• **Data items**:
:::
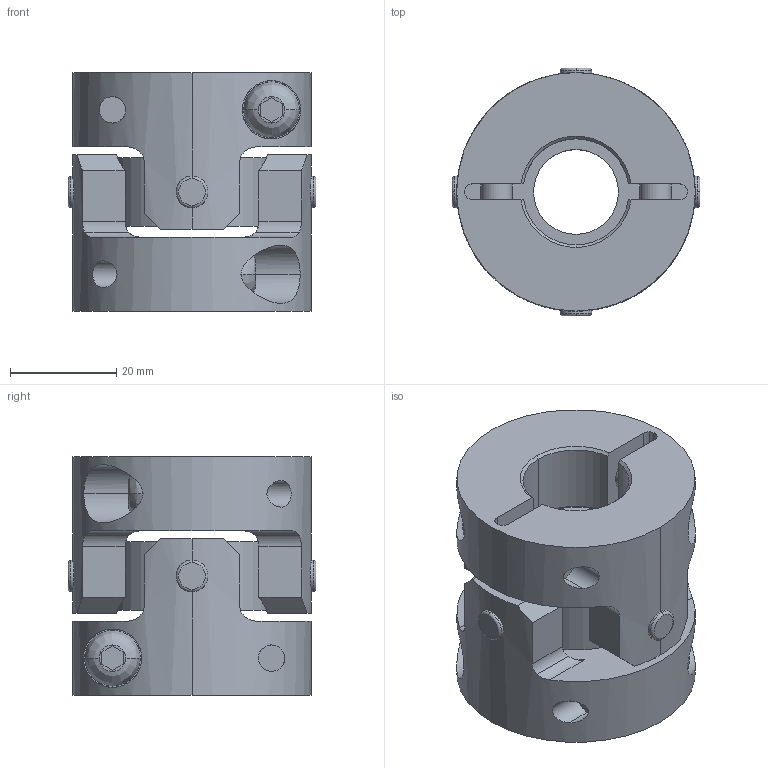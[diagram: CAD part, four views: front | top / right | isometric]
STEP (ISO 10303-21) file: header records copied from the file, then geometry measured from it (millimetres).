
FILE_DESCRIPTION((''),'2;1');
FILE_NAME('UA-45C-17×20.stp','2013-05-22T09:42:06',(''),(''),'AutoCAD STEP 2000i','AutoCAD 2000i',', , ');
FILE_SCHEMA(('CONFIG_CONTROL_DESIGN'));
Length unit declared in the file: millimetre
Products named in the file (8): UA-45C-17×17; 忣兜1; UA-4502-D17-1; BTN-M6; UA-4502-D17; UA-4502-D08-1; UA-4502-D08; UA45-SEN
Assembly tree (10 placements, depth 3):
  UA-45C-17×17
    忣兜1
    UA-4502-D17-1
      BTN-M6
    UA-4502-D17
      BTN-M6
    UA-4502-D08-1
      BTN-M6
    UA-4502-D08
      BTN-M6
    UA45-SEN
Bounding box: 46.73 x 46.73 x 45 mm (x, y, z)
Volume: 47500.2 mm3; surface area: 19293.7 mm2
Topology: 1 solids, 1 shells, 206 faces, 554 edges, 364 vertices
Faces by surface type: cylinder 96, plane 78, cone 16, bspline 8, torus 8
Entity records: 8551 total; most frequent: CARTESIAN_POINT 3195, ORIENTED_EDGE 1108, DIRECTION 1072, EDGE_CURVE 554, AXIS2_PLACEMENT_3D 413, VERTEX_POINT 364, VECTOR 246, LINE 246
:::
Your copy of the data should match it exactly, apart from the images, which are omitted.

[diagram: CAD part, four views: front | top / right | isometric]
STEP (ISO 10303-21) file: header records copied from the file, then geometry measured from it (millimetres).
FILE_DESCRIPTION((''),'2;1');
FILE_NAME('UA-45C-17×20.stp','2013-05-22T09:42:06',(''),(''),'AutoCAD STEP 2000i','AutoCAD 2000i',', , ');
FILE_SCHEMA(('CONFIG_CONTROL_DESIGN'));
Length unit declared in the file: millimetre
Products named in the file (8): UA-45C-17×17; 忣兜1; UA-4502-D17-1; BTN-M6; UA-4502-D17; UA-4502-D08-1; UA-4502-D08; UA45-SEN
Assembly tree (10 placements, depth 3):
  UA-45C-17×17
    忣兜1
    UA-4502-D17-1
      BTN-M6
    UA-4502-D17
      BTN-M6
    UA-4502-D08-1
      BTN-M6
    UA-4502-D08
      BTN-M6
    UA45-SEN
Bounding box: 46.73 x 46.73 x 45 mm (x, y, z)
Volume: 47500.2 mm3; surface area: 19293.7 mm2
Topology: 1 solids, 1 shells, 206 faces, 554 edges, 364 vertices
Faces by surface type: cylinder 96, plane 78, cone 16, bspline 8, torus 8
Entity records: 8551 total; most frequent: CARTESIAN_POINT 3195, ORIENTED_EDGE 1108, DIRECTION 1072, EDGE_CURVE 554, AXIS2_PLACEMENT_3D 413, VERTEX_POINT 364, VECTOR 246, LINE 246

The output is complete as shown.